*** Opening MATERIAL SHOWN ***
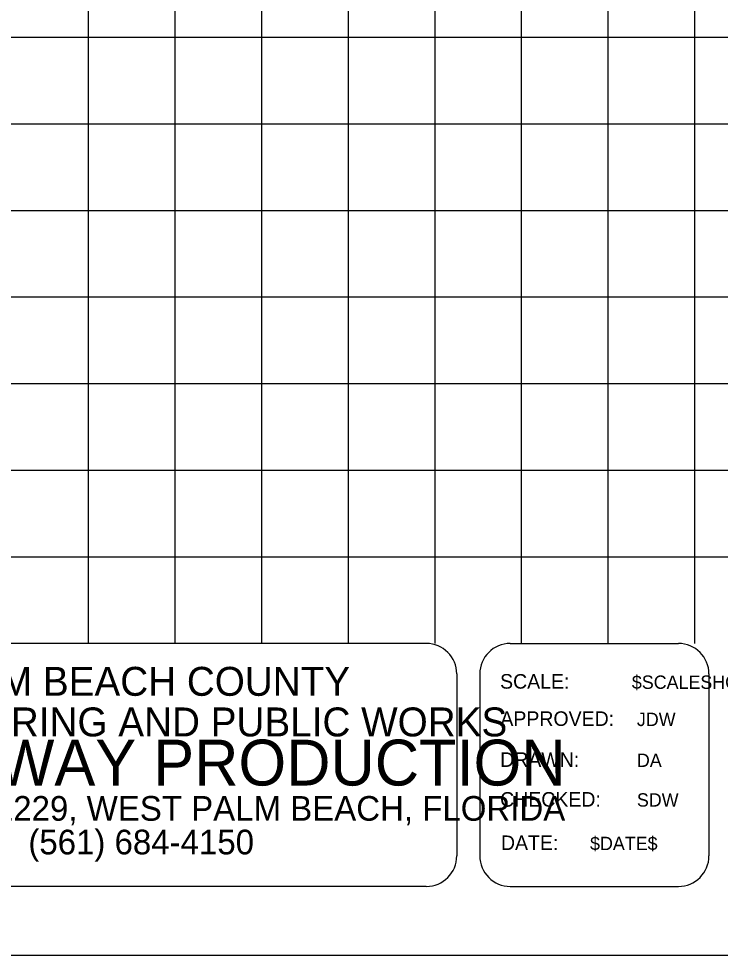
# Model space of a CAD drawing. Extents: x -4 to 16, y -3 to 9.7.
# Drawn here: x 10 to 12.024, y -0.9 to 1.803 of the extents above; entities that cross this region are included whole.
import ezdxf

# ---------------------------------------------------------------- set-up
doc = ezdxf.new("R2010")
doc.units = 0
for name, color, linetype in [('Baseline Bearing and Curve Data', 7, 'Continuous'), ('Centerline (Construction)', 7, 'Continuous'), ('Default', 7, 'Continuous'), ('Property Corners', 7, 'Continuous')]:
    doc.layers.add(name, color=color, linetype=linetype)

msp = doc.modelspace()

# ---------------------------------------------------------------- linework, layer by layer
at = {"layer": 'Baseline Bearing and Curve Data'}
for p, q in [((10.2, 4), (10.2, 0)), ((10.7, 4), (10.7, 0)), ((11.2, 4), (11.2, 0)), ((11.7, 4), (11.7, 0)), ((0, 1.5), (15.4, 1.5)), ((0, 1), (15.4, 1)), ((0, 0.5), (15.4, 0.5))]:
    msp.add_line(p, q, dxfattribs=at)
at = {"layer": 'Centerline (Construction)'}
msp.add_lwpolyline([(-0.55, -0.9), (15.95, -0.9), (15.95, 9.7), (-0.55, 9.7)], close=True, dxfattribs=at)
at = {"layer": 'Default'}
for p, q in [((11.1756, 0), (8.7497, 0)), ((11.4182, 0), (11.9034, 0)), ((11.2638, -0.0882), (11.2638, -0.6131)), ((11.33, -0.0882), (11.33, -0.6131)), ((11.9916, -0.0882), (11.9916, -0.6131)), ((11.1756, -0.7014), (8.7497, -0.7014)), ((11.4182, -0.7014), (11.9034, -0.7014))]:
    msp.add_line(p, q, dxfattribs=at)
for centre, major_axis, start_param, end_param in [((11.1756, -0.0882), (0, 0.0882), 4.712389, 6.283185), ((11.4182, -0.0882), (0, 0.0882), 0, 1.570796), ((11.9034, -0.0882), (0, 0.0882), 4.712389, 6.283185), ((11.1756, -0.6131), (0, 0.0882), 3.141593, 4.712389), ((11.4182, -0.6131), (0, -0.0882), 4.712389, 6.283185), ((11.9034, -0.6131), (0, -0.0882), 0, 1.570796)]:
    msp.add_ellipse(centre, major_axis=major_axis, ratio=0.999927, start_param=start_param, end_param=end_param, dxfattribs=at)
at = {"layer": 'Property Corners'}
for p, q in [((10.45, 4), (10.45, 0)), ((10.95, 4), (10.95, 0)), ((11.45, 4), (11.45, 0)), ((11.95, 4), (11.95, 0)), ((0.7, 1.75), (14.7, 1.75)), ((0.7, 1.25), (14.7, 1.25)), ((0.7, 0.75), (14.7, 0.75)), ((0.7, 0.25), (14.7, 0.25))]:
    msp.add_line(p, q, dxfattribs=at)

# ---------------------------------------------------------------- texts
at = {"layer": 'Default'}
for s, height, p in [('PALM BEACH COUNTY', 0.083446, (9.7345, -0.1511)), ('ENGINEERING AND PUBLIC WORKS', 0.083468, (9.4745, -0.2683)), ('ROADWAY PRODUCTION', 0.132369, (9.4241, -0.4101)), ('P.O. BOX 21229, WEST PALM BEACH, FLORIDA', 0.071224, (9.4333, -0.5117)), ('(561) 684-4150', 0.071224, (10.0274, -0.6088))]:
    msp.add_text(s, height=height, rotation=360, dxfattribs=at).set_placement(p)
for s, height, p in [('SCALE:', 0.04207, (11.3888, -0.1305)), ('$SCALESHORT$', 0.038546, (11.7691, -0.1311)), ('APPROVED:', 0.04207, (11.3896, -0.2381)), ('JDW', 0.03855, (11.7836, -0.2384)), ('DRAWN:', 0.04207, (11.389, -0.3563)), ('DA ', 0.03855, (11.7836, -0.3565)), ('CHECKED:', 0.04207, (11.3889, -0.4711)), ('SDW', 0.03855, (11.7836, -0.471)), ('DATE:', 0.04207, (11.3913, -0.5963)), ('$DATE$', 0.03855, (11.6484, -0.5965))]:
    msp.add_text(s, height=height, dxfattribs=at).set_placement(p)

doc.saveas('drawing.dxf')
*** Closing MATERIAL SHOWN ***
- YOUR TASK -
Give the number of lines above containing the word "Data", with no other text.

- RESPONSE FOR THIS EXERCISE -
2